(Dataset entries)
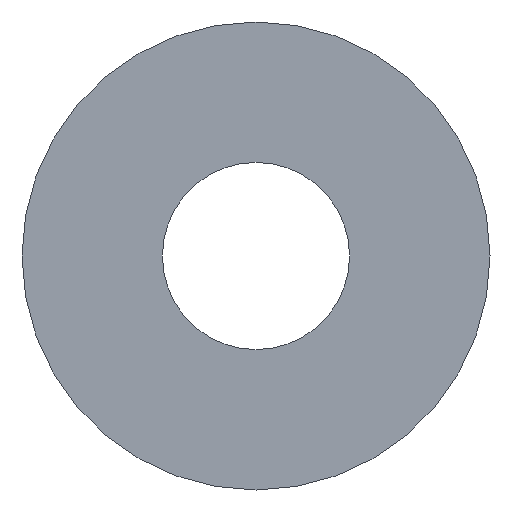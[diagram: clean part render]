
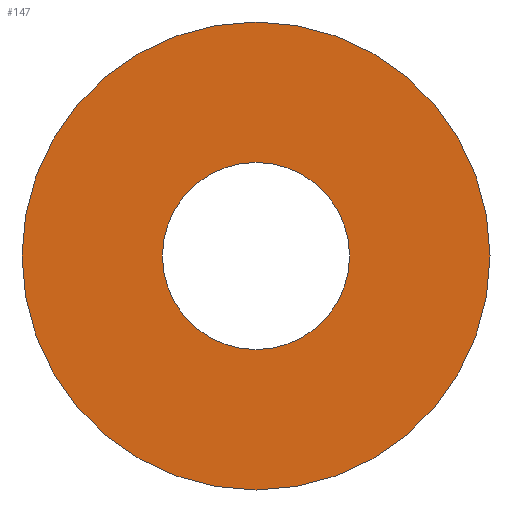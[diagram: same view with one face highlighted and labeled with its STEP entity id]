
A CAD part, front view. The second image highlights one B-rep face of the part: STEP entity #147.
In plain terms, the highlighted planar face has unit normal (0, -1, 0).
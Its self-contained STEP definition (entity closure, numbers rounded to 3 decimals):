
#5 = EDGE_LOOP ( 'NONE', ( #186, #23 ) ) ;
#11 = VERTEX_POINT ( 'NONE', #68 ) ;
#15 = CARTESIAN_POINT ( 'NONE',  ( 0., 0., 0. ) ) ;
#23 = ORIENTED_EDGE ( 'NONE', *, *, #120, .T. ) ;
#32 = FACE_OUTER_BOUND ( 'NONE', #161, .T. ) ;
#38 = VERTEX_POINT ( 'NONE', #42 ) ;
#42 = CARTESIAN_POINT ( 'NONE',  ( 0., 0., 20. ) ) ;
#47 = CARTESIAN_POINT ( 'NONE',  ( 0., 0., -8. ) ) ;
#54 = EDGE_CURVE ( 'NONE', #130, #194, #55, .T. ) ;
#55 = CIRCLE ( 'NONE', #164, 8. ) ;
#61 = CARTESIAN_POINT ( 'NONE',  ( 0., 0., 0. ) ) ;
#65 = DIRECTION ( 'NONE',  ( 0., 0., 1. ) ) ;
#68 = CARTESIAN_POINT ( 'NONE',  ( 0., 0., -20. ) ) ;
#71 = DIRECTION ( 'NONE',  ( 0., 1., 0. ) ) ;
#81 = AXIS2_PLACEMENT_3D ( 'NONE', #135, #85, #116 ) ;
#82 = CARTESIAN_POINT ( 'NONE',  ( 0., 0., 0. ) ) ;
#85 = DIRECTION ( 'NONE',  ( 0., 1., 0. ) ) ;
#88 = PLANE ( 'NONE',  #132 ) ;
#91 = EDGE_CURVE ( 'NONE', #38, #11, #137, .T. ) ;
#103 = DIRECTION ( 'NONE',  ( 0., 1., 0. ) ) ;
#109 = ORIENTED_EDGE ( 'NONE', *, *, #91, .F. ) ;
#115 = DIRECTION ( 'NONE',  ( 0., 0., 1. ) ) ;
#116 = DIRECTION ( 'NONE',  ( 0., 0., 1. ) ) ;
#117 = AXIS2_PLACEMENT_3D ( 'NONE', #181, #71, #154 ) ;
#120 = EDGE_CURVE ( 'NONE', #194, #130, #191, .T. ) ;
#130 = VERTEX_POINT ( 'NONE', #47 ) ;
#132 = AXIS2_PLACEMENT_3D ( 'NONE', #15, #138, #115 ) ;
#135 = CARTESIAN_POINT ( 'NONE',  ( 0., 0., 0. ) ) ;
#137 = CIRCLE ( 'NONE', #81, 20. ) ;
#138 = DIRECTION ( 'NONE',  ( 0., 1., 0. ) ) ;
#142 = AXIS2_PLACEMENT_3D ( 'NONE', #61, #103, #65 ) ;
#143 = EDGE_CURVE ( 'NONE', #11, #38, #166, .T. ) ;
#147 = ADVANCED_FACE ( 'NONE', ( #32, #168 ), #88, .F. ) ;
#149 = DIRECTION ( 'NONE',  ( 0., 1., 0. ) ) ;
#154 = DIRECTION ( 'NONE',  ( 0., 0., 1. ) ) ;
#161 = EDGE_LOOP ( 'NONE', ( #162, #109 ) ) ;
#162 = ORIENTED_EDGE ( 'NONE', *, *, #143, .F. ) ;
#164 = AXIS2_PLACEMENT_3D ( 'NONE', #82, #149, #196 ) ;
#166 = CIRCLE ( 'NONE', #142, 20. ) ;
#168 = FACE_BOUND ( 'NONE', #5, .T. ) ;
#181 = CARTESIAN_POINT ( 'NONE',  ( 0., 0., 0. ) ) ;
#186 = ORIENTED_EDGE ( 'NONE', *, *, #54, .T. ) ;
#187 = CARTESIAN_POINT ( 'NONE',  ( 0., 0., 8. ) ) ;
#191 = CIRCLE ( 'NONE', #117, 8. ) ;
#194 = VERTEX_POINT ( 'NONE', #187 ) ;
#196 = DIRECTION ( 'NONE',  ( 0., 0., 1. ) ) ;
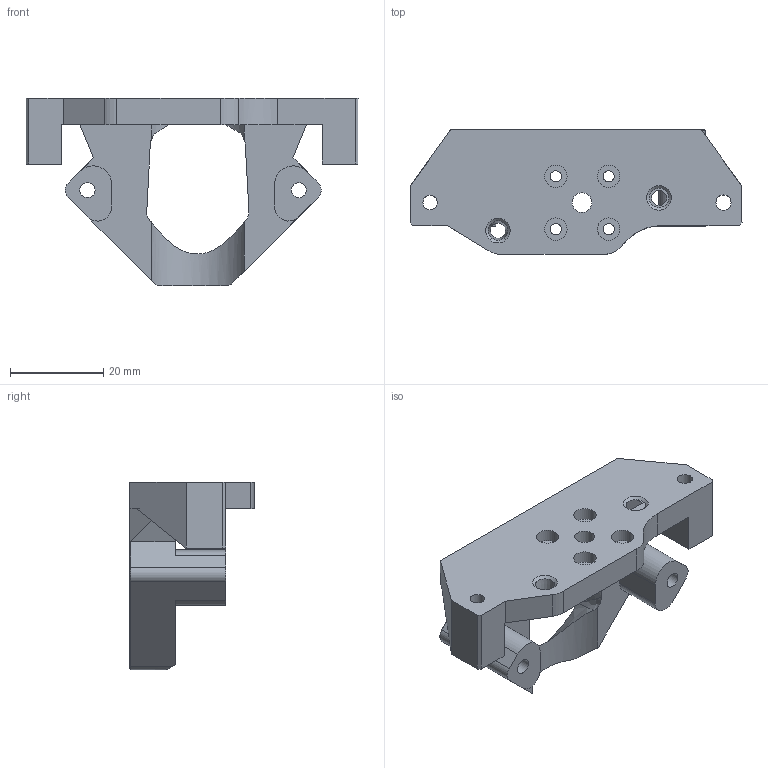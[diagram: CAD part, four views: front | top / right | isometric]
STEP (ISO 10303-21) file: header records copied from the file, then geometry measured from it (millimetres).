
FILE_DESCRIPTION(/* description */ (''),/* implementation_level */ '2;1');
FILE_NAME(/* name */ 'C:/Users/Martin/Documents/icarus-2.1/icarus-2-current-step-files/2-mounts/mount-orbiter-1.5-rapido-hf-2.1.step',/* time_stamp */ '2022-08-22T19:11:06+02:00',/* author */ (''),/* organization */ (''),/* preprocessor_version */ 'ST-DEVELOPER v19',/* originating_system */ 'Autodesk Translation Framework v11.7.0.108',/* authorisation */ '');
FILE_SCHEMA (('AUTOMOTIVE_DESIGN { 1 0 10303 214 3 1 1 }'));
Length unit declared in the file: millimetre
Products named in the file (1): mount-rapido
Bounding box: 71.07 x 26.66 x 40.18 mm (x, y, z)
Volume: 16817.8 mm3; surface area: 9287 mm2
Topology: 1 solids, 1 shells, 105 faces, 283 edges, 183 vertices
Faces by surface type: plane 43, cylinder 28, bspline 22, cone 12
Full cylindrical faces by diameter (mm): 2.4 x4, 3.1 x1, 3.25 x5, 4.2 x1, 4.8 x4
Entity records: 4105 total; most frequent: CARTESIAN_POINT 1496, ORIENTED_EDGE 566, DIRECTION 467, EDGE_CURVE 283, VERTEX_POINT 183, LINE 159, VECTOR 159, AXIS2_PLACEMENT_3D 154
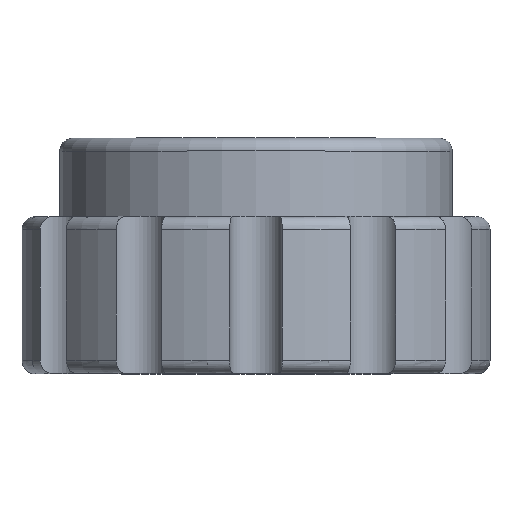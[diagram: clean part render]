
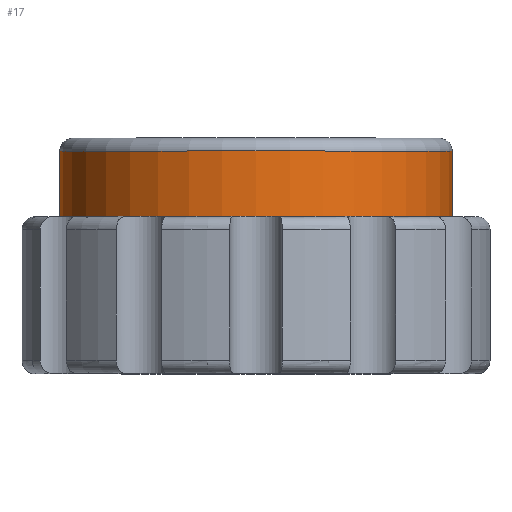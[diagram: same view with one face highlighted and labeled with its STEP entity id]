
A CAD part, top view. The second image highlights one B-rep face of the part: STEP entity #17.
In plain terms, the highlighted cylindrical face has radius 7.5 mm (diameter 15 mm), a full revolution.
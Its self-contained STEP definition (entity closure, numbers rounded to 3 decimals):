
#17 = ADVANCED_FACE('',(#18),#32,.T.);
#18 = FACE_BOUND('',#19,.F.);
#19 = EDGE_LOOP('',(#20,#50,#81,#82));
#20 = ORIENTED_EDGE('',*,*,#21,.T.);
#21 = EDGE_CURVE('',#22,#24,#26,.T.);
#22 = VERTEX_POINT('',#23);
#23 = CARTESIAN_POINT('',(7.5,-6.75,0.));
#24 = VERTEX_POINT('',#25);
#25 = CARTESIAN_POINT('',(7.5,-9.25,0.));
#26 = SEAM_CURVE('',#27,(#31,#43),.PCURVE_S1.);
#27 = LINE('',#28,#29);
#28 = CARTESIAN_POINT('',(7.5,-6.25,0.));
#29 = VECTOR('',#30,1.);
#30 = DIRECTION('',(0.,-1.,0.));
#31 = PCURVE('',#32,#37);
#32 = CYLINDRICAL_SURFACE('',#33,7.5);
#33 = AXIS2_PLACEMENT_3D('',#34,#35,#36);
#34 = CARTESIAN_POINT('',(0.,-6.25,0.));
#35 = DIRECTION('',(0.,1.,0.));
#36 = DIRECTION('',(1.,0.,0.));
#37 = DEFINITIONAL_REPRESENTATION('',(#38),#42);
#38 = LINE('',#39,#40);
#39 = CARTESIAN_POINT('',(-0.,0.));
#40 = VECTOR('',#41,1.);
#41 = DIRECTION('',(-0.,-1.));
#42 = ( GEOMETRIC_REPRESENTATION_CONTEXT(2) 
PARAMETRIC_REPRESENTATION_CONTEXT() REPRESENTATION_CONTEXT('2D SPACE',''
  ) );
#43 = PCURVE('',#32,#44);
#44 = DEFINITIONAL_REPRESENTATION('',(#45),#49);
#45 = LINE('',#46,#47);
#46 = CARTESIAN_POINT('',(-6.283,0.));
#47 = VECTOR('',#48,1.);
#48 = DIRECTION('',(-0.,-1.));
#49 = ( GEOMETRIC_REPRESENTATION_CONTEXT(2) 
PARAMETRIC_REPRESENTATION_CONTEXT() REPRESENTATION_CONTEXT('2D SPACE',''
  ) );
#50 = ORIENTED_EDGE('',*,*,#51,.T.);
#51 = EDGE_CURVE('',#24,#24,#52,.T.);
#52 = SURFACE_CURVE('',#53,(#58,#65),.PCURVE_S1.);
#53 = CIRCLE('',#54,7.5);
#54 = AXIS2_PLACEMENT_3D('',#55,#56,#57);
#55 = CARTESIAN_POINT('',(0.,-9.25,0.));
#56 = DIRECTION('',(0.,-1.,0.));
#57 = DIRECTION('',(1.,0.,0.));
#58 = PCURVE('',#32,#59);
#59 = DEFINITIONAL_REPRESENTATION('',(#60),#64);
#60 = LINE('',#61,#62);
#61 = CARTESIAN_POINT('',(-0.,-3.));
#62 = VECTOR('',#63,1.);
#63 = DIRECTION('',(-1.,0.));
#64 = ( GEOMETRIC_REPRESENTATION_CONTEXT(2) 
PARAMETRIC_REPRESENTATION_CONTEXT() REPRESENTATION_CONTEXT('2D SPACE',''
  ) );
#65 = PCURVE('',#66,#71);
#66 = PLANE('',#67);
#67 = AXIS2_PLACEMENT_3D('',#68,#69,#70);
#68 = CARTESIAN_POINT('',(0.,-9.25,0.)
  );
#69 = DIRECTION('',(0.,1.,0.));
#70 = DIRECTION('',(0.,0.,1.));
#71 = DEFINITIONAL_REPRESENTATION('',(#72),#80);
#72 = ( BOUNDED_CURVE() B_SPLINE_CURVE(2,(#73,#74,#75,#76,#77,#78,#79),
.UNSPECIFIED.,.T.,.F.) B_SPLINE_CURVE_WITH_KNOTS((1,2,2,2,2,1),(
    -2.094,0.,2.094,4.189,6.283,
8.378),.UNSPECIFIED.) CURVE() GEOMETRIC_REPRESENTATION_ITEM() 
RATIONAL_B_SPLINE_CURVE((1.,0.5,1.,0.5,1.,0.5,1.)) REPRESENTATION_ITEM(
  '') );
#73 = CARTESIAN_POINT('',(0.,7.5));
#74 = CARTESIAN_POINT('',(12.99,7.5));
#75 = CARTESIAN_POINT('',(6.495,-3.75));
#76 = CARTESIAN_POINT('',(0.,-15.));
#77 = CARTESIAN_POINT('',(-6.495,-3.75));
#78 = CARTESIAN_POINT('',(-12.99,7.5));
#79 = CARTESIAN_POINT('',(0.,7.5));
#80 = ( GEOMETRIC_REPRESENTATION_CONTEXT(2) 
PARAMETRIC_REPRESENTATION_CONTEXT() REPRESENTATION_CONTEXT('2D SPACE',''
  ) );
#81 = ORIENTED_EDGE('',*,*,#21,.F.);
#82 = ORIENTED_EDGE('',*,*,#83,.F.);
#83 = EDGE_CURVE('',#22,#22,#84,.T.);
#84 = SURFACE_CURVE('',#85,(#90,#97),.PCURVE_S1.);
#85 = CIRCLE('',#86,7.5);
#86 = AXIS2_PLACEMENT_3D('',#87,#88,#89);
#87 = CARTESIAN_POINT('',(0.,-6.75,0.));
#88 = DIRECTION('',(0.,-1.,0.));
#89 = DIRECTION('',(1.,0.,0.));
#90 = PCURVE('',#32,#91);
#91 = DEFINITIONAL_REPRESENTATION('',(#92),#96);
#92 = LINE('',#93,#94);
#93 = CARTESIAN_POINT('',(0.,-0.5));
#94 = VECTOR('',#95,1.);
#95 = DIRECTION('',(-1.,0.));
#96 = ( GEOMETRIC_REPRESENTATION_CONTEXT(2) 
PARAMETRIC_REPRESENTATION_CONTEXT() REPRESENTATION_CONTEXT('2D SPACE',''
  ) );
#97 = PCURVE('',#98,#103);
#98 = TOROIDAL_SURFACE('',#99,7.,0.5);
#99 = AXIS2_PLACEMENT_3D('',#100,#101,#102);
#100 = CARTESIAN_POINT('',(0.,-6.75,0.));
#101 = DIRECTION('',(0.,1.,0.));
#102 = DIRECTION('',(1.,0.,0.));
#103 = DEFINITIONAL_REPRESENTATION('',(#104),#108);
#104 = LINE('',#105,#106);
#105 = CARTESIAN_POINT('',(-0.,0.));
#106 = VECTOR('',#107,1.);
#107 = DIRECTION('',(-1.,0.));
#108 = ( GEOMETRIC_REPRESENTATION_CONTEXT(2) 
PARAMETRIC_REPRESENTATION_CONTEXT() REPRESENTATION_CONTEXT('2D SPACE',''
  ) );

> [WORK TASK]: Beginning with the first entry above, reproduce every line verbatim until the line with "#132 = AXIS2_PLACEMENT_3D", which is included too; omit pictures.

> [TASK OUTPUT]:
[diagram: clean part render]
[diagram: same view with one face highlighted and labeled with its STEP entity id]
A CAD part, front view. The second image highlights one B-rep face of the part: STEP entity #147.
In plain terms, the highlighted planar face has unit normal (0, -1, 0).
Its self-contained STEP definition (entity closure, numbers rounded to 3 decimals):
#5 = EDGE_LOOP ( 'NONE', ( #186, #23 ) ) ;
#11 = VERTEX_POINT ( 'NONE', #68 ) ;
#15 = CARTESIAN_POINT ( 'NONE',  ( 0., 0., 0. ) ) ;
#23 = ORIENTED_EDGE ( 'NONE', *, *, #120, .T. ) ;
#32 = FACE_OUTER_BOUND ( 'NONE', #161, .T. ) ;
#38 = VERTEX_POINT ( 'NONE', #42 ) ;
#42 = CARTESIAN_POINT ( 'NONE',  ( 0., 0., 20. ) ) ;
#47 = CARTESIAN_POINT ( 'NONE',  ( 0., 0., -8. ) ) ;
#54 = EDGE_CURVE ( 'NONE', #130, #194, #55, .T. ) ;
#55 = CIRCLE ( 'NONE', #164, 8. ) ;
#61 = CARTESIAN_POINT ( 'NONE',  ( 0., 0., 0. ) ) ;
#65 = DIRECTION ( 'NONE',  ( 0., 0., 1. ) ) ;
#68 = CARTESIAN_POINT ( 'NONE',  ( 0., 0., -20. ) ) ;
#71 = DIRECTION ( 'NONE',  ( 0., 1., 0. ) ) ;
#81 = AXIS2_PLACEMENT_3D ( 'NONE', #135, #85, #116 ) ;
#82 = CARTESIAN_POINT ( 'NONE',  ( 0., 0., 0. ) ) ;
#85 = DIRECTION ( 'NONE',  ( 0., 1., 0. ) ) ;
#88 = PLANE ( 'NONE',  #132 ) ;
#91 = EDGE_CURVE ( 'NONE', #38, #11, #137, .T. ) ;
#103 = DIRECTION ( 'NONE',  ( 0., 1., 0. ) ) ;
#109 = ORIENTED_EDGE ( 'NONE', *, *, #91, .F. ) ;
#115 = DIRECTION ( 'NONE',  ( 0., 0., 1. ) ) ;
#116 = DIRECTION ( 'NONE',  ( 0., 0., 1. ) ) ;
#117 = AXIS2_PLACEMENT_3D ( 'NONE', #181, #71, #154 ) ;
#120 = EDGE_CURVE ( 'NONE', #194, #130, #191, .T. ) ;
#130 = VERTEX_POINT ( 'NONE', #47 ) ;
#132 = AXIS2_PLACEMENT_3D ( 'NONE', #15, #138, #115 ) ;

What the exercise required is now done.